Data items:

▬▬▬▬▬▬

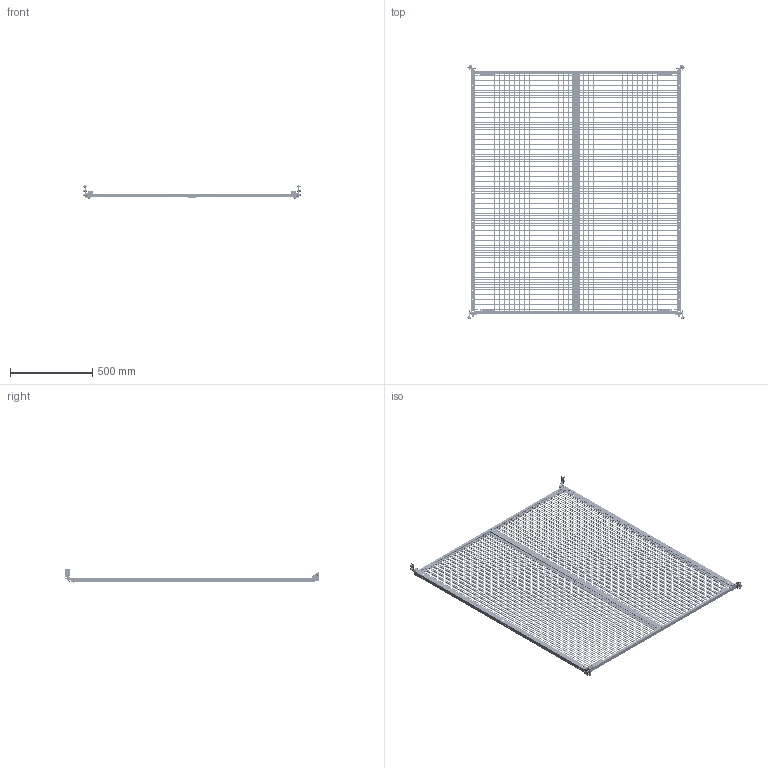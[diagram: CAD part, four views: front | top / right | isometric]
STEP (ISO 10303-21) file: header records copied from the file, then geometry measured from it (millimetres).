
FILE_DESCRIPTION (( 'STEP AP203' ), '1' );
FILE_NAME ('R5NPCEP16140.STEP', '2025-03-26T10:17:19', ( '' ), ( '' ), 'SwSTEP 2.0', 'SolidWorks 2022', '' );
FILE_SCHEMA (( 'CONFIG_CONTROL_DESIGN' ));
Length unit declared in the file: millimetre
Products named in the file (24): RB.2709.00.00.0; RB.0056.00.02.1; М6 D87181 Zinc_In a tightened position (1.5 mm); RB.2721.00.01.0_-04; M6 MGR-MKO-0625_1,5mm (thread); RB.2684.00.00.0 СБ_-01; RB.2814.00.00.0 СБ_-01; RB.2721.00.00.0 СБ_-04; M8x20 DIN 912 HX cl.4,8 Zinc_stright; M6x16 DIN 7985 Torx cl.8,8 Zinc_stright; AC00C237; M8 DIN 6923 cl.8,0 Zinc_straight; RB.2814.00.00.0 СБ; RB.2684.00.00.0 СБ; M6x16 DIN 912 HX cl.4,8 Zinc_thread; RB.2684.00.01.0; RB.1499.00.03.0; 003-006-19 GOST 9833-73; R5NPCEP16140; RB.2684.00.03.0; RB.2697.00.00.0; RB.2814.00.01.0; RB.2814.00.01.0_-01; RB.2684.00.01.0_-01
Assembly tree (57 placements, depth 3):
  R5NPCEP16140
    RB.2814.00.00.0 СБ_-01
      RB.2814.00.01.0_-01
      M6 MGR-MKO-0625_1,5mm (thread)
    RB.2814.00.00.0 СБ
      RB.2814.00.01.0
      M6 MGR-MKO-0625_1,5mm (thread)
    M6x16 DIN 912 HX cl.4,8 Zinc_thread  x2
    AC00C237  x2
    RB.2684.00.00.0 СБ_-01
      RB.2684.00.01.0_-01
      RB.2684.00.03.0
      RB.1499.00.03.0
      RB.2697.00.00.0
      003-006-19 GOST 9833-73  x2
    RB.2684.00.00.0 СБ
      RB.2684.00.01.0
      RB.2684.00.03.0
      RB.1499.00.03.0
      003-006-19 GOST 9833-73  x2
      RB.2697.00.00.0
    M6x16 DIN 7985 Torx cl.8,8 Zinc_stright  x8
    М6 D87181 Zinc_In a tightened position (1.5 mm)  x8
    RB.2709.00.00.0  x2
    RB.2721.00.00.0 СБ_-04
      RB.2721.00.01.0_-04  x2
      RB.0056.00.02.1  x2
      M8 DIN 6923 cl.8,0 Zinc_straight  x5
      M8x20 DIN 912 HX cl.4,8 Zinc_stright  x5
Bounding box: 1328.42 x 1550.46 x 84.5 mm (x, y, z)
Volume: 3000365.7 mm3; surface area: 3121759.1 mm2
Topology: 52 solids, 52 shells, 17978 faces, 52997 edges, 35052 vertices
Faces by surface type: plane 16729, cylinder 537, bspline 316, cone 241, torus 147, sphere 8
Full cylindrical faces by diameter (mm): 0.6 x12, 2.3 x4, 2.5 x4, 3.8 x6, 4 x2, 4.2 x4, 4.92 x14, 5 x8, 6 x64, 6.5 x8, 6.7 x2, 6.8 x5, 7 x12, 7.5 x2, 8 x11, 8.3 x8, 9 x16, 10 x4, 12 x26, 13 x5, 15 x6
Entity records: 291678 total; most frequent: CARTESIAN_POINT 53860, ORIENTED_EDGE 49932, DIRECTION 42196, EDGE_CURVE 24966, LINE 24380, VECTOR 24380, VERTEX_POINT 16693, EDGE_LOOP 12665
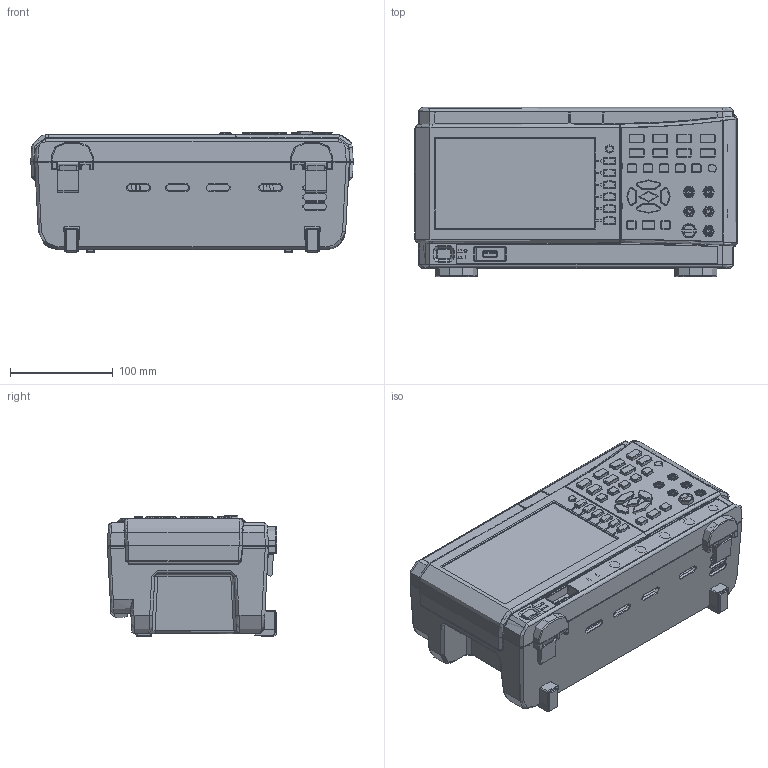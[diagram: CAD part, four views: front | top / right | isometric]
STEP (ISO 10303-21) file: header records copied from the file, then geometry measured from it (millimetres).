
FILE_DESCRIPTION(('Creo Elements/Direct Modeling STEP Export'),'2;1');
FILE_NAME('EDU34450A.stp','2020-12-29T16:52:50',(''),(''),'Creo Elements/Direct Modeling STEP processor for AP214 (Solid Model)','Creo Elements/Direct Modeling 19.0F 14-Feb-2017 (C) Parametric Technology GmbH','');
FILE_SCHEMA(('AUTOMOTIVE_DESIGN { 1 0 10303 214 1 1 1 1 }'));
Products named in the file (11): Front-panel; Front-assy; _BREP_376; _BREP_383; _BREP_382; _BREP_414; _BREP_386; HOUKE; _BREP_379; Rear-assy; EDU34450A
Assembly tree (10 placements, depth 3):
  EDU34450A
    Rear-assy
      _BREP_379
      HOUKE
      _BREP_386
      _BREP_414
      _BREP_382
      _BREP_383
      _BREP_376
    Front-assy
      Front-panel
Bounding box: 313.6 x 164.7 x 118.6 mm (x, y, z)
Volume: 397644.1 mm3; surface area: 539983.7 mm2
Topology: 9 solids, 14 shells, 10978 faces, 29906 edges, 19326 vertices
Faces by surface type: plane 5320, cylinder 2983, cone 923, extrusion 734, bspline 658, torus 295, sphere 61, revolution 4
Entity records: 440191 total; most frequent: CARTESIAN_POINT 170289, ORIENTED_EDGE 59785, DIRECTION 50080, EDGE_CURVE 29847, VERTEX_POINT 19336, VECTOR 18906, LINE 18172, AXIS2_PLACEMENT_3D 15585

▬▬▬▬▬▬

→ Work task: What is needed is an exact retyping of the lines from the start of the data through the line with "Length unit declared in the file: millimetre", with both end lines kept and every picture left out.

→ Response below:
[diagram: CAD part, four views: front | top / right | isometric]
STEP (ISO 10303-21) file: header records copied from the file, then geometry measured from it (millimetres).
FILE_DESCRIPTION (( 'STEP AP203' ), '1' );
FILE_NAME ('R5NPCEP16140.STEP', '2025-03-26T10:17:19', ( '' ), ( '' ), 'SwSTEP 2.0', 'SolidWorks 2022', '' );
FILE_SCHEMA (( 'CONFIG_CONTROL_DESIGN' ));
Length unit declared in the file: millimetre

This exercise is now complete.